**Exercise goal**
Only the lines from the one containing "msp.add_text(s, height=height, dxfattribs=at).set_placement(p)" to the end of the listing below are wanted, repeated exactly.

**Data**
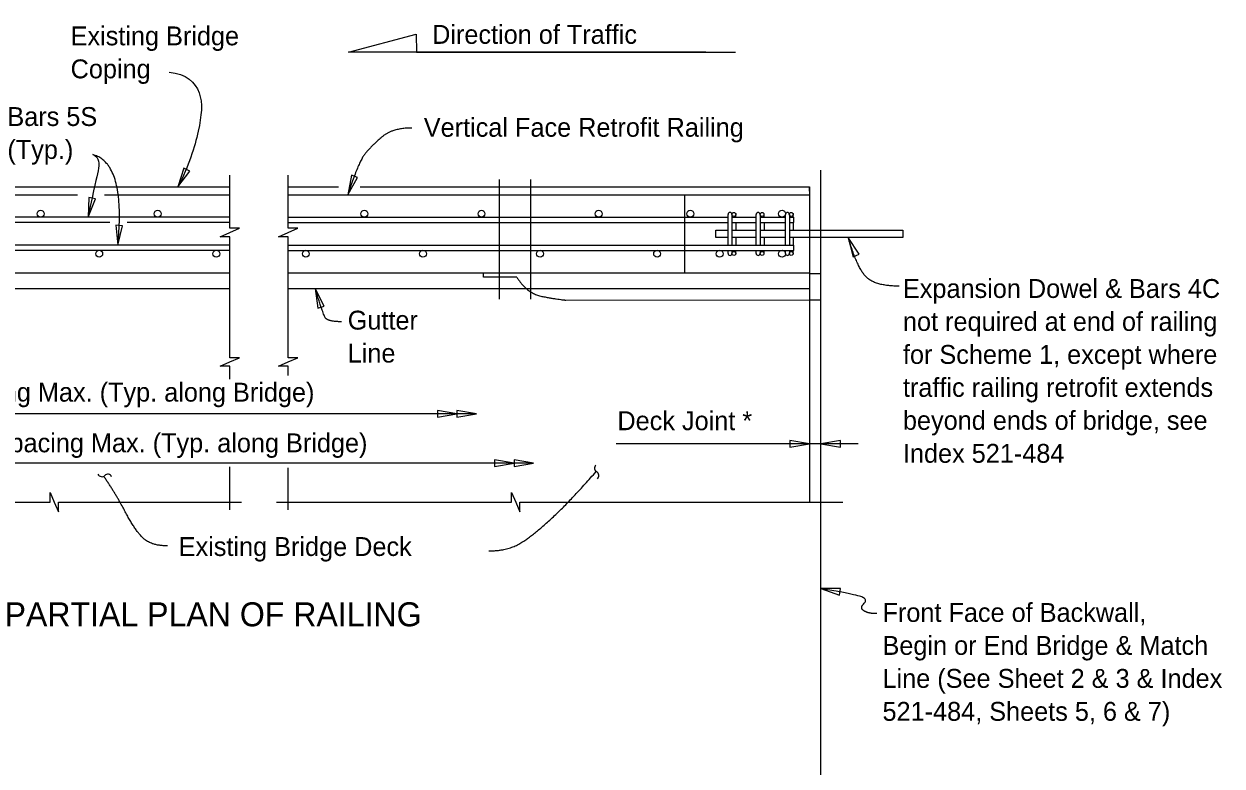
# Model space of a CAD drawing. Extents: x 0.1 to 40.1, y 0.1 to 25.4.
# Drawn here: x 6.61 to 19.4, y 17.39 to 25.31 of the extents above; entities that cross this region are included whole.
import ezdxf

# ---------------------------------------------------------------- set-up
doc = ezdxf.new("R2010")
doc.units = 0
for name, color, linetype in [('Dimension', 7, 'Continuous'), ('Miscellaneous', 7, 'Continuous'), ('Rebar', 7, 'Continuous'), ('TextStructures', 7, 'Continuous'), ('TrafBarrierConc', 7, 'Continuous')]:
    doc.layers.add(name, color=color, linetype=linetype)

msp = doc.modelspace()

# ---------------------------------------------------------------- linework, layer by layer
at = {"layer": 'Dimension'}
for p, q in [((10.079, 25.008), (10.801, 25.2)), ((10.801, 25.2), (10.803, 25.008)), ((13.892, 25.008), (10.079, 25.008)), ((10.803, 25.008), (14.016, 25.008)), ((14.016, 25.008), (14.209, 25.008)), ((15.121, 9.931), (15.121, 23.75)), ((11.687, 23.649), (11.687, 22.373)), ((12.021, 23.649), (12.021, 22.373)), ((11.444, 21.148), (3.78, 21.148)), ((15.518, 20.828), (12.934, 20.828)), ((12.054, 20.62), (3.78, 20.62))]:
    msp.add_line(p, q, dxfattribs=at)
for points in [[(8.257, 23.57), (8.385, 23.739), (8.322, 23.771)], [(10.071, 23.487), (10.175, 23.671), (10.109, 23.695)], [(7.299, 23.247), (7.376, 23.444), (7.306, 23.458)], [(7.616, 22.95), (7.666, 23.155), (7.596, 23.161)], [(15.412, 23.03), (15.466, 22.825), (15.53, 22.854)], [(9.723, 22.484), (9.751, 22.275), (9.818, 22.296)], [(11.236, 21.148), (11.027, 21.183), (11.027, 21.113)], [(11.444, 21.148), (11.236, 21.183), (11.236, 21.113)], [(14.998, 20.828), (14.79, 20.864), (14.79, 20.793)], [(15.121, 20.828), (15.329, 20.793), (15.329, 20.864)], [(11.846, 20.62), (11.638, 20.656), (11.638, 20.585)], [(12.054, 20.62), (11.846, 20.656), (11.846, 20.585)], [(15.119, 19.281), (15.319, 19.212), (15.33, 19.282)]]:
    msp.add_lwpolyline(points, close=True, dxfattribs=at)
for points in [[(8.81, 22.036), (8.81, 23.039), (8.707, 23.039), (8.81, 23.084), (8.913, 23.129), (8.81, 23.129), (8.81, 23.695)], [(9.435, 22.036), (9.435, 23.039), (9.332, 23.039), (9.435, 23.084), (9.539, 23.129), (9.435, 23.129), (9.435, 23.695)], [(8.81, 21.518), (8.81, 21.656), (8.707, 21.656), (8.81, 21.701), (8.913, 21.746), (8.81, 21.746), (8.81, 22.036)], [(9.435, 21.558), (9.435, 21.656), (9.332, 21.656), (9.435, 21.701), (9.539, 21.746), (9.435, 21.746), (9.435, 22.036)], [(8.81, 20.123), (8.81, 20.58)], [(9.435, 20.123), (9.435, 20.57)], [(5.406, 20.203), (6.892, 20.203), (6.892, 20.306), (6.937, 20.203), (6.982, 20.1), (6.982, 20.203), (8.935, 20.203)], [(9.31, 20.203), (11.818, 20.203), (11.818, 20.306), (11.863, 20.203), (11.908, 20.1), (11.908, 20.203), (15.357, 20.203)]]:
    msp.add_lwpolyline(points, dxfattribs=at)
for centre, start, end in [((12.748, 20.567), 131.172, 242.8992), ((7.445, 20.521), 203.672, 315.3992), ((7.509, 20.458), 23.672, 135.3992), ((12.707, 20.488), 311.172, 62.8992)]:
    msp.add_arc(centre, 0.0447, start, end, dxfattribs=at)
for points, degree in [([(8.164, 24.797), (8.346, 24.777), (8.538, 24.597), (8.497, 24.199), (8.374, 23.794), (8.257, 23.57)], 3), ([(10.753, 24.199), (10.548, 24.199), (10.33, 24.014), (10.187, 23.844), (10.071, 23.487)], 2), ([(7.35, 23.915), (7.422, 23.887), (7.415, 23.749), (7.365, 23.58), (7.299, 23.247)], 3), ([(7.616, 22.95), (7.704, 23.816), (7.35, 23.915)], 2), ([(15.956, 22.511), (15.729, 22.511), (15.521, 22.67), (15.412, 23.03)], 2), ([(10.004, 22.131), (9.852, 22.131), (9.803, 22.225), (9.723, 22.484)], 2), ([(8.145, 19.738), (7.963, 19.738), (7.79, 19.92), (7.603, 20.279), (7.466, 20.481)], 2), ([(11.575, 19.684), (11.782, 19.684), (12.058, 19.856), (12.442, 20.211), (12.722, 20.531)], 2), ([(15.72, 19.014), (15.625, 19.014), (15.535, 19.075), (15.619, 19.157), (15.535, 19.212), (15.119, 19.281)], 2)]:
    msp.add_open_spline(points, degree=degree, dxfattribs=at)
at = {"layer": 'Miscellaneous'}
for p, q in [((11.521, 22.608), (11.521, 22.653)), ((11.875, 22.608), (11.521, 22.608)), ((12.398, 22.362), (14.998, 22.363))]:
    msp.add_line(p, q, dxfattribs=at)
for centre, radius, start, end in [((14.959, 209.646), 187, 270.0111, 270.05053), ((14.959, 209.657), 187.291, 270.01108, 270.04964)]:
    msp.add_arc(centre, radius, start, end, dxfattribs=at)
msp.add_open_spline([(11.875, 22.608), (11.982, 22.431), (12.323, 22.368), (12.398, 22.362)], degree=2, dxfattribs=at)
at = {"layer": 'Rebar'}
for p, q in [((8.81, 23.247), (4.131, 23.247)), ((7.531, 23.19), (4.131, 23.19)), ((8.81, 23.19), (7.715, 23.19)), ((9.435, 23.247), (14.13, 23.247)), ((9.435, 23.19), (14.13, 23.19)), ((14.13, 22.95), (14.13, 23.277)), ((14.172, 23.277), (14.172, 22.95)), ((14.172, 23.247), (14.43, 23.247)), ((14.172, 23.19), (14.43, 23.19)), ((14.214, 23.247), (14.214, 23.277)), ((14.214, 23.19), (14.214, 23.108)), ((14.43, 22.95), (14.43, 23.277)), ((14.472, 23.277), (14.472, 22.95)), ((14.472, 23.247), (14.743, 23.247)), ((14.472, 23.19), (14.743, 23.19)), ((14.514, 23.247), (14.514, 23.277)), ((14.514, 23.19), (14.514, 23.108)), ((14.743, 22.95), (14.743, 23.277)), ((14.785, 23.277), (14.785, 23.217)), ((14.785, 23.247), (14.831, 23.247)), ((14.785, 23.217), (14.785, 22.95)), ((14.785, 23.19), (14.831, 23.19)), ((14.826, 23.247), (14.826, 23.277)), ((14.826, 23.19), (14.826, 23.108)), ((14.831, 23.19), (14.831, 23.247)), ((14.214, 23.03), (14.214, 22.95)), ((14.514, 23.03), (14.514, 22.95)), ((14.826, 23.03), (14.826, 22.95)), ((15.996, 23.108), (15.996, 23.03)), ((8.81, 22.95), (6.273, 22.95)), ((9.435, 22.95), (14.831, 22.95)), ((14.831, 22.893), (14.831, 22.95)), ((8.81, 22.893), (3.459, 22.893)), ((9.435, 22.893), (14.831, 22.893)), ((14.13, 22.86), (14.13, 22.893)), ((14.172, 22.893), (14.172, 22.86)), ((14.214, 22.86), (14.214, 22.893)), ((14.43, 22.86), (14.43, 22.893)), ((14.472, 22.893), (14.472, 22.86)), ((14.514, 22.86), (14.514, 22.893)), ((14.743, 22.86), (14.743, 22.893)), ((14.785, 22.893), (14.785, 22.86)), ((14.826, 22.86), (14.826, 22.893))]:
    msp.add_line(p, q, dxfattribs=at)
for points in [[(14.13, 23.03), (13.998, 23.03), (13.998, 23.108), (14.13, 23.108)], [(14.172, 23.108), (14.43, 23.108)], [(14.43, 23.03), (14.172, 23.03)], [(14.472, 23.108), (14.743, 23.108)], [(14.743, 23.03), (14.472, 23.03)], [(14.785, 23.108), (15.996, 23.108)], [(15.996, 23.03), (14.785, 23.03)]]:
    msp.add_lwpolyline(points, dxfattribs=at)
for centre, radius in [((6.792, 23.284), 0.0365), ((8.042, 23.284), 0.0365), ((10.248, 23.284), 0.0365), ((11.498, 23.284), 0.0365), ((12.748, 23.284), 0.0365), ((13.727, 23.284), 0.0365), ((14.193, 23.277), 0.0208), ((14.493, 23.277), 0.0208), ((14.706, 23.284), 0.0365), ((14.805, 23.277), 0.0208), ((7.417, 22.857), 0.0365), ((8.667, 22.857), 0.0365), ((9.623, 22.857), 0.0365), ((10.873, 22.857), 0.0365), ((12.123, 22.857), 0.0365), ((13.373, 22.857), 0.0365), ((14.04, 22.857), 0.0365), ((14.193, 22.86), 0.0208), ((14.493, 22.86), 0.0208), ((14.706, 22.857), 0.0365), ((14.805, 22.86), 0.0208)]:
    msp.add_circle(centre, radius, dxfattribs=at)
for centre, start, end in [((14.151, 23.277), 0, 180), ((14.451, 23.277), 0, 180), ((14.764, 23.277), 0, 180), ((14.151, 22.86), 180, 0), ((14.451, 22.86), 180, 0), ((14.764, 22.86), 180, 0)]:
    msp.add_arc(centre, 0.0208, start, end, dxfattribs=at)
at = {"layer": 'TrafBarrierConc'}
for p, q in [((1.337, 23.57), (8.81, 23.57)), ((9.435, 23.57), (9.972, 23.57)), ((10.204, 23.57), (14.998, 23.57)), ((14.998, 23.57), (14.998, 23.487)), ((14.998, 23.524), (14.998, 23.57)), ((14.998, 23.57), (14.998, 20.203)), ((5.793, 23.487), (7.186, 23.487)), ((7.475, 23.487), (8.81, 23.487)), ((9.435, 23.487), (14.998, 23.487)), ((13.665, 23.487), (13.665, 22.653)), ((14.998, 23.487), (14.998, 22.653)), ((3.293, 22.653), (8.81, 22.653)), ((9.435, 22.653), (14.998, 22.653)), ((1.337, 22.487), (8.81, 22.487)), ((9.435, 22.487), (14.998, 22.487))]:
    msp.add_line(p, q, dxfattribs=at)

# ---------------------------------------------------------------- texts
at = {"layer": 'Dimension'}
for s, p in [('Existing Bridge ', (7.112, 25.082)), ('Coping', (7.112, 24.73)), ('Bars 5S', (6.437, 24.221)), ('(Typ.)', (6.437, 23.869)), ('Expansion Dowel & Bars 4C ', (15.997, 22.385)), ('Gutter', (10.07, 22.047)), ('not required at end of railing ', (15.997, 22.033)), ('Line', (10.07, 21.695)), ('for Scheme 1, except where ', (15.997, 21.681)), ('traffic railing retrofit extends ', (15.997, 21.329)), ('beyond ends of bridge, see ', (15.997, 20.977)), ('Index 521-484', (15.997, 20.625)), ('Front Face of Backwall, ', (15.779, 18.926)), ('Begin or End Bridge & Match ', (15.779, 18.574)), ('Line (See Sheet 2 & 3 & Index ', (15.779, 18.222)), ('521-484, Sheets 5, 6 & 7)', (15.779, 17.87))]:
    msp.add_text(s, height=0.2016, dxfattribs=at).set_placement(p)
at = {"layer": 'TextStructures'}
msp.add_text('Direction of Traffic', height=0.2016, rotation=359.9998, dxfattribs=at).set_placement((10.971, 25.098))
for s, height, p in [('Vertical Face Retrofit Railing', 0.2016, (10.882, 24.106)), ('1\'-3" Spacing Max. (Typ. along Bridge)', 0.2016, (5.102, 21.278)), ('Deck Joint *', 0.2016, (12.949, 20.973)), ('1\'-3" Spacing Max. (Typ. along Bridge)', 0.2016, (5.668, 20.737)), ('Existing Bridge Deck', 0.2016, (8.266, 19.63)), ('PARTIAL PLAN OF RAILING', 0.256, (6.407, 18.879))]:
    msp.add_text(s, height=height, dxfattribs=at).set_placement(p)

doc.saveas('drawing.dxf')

**Exercise output**
    msp.add_text(s, height=height, dxfattribs=at).set_placement(p)

doc.saveas('drawing.dxf')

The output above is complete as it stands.